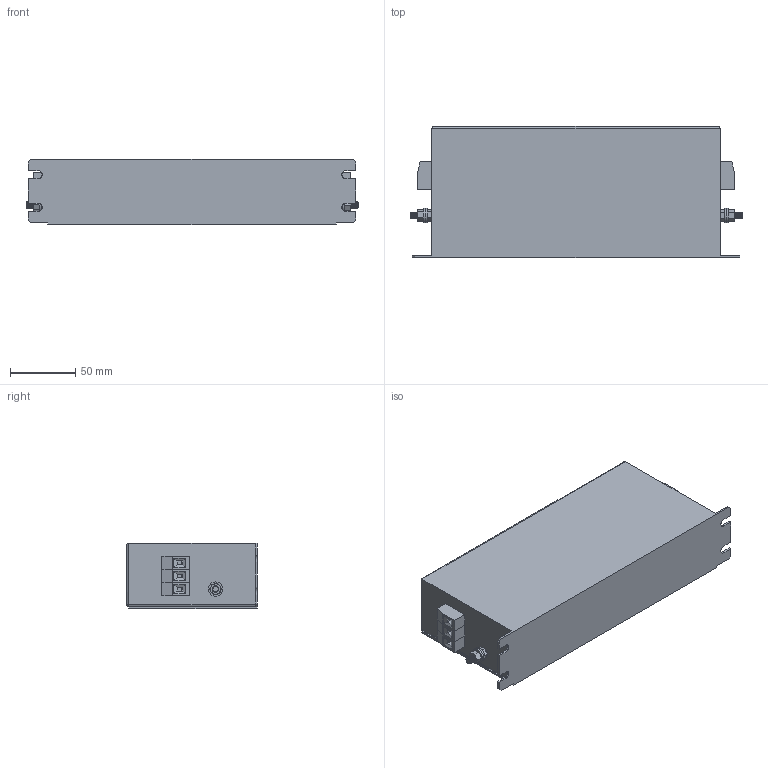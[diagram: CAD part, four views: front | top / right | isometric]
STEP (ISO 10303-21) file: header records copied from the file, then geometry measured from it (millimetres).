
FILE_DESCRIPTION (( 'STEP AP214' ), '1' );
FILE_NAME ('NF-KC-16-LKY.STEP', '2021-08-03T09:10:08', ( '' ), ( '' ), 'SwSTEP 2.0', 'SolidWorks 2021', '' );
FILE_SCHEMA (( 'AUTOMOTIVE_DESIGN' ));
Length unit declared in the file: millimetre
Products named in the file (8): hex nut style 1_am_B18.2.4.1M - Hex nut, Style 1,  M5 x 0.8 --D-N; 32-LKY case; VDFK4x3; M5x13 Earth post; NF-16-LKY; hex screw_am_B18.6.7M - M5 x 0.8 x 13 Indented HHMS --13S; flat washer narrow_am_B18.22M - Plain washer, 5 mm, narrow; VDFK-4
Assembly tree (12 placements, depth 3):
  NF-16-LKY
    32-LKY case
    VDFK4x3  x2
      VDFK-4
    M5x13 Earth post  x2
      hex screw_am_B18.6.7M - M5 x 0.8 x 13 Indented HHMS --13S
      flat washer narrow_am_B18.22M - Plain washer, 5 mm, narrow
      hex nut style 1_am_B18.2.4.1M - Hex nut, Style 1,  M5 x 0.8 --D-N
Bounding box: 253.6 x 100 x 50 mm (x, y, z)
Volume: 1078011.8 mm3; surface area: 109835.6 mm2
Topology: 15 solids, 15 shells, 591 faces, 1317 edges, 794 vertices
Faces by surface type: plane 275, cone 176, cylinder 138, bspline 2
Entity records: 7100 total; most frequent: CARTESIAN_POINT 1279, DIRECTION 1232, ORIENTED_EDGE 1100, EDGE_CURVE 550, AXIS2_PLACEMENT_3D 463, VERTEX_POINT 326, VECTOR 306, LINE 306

__Your assignment__.
Print the records above verbatim, minus any pictures.

__Task solution__.
[diagram: CAD part, four views: front | top / right | isometric]
STEP (ISO 10303-21) file: header records copied from the file, then geometry measured from it (millimetres).
FILE_DESCRIPTION (( 'STEP AP214' ), '1' );
FILE_NAME ('NF-KC-16-LKY.STEP', '2021-08-03T09:10:08', ( '' ), ( '' ), 'SwSTEP 2.0', 'SolidWorks 2021', '' );
FILE_SCHEMA (( 'AUTOMOTIVE_DESIGN' ));
Length unit declared in the file: millimetre
Products named in the file (8): hex nut style 1_am_B18.2.4.1M - Hex nut, Style 1,  M5 x 0.8 --D-N; 32-LKY case; VDFK4x3; M5x13 Earth post; NF-16-LKY; hex screw_am_B18.6.7M - M5 x 0.8 x 13 Indented HHMS --13S; flat washer narrow_am_B18.22M - Plain washer, 5 mm, narrow; VDFK-4
Assembly tree (12 placements, depth 3):
  NF-16-LKY
    32-LKY case
    VDFK4x3  x2
      VDFK-4
    M5x13 Earth post  x2
      hex screw_am_B18.6.7M - M5 x 0.8 x 13 Indented HHMS --13S
      flat washer narrow_am_B18.22M - Plain washer, 5 mm, narrow
      hex nut style 1_am_B18.2.4.1M - Hex nut, Style 1,  M5 x 0.8 --D-N
Bounding box: 253.6 x 100 x 50 mm (x, y, z)
Volume: 1078011.8 mm3; surface area: 109835.6 mm2
Topology: 15 solids, 15 shells, 591 faces, 1317 edges, 794 vertices
Faces by surface type: plane 275, cone 176, cylinder 138, bspline 2
Entity records: 7100 total; most frequent: CARTESIAN_POINT 1279, DIRECTION 1232, ORIENTED_EDGE 1100, EDGE_CURVE 550, AXIS2_PLACEMENT_3D 463, VERTEX_POINT 326, VECTOR 306, LINE 306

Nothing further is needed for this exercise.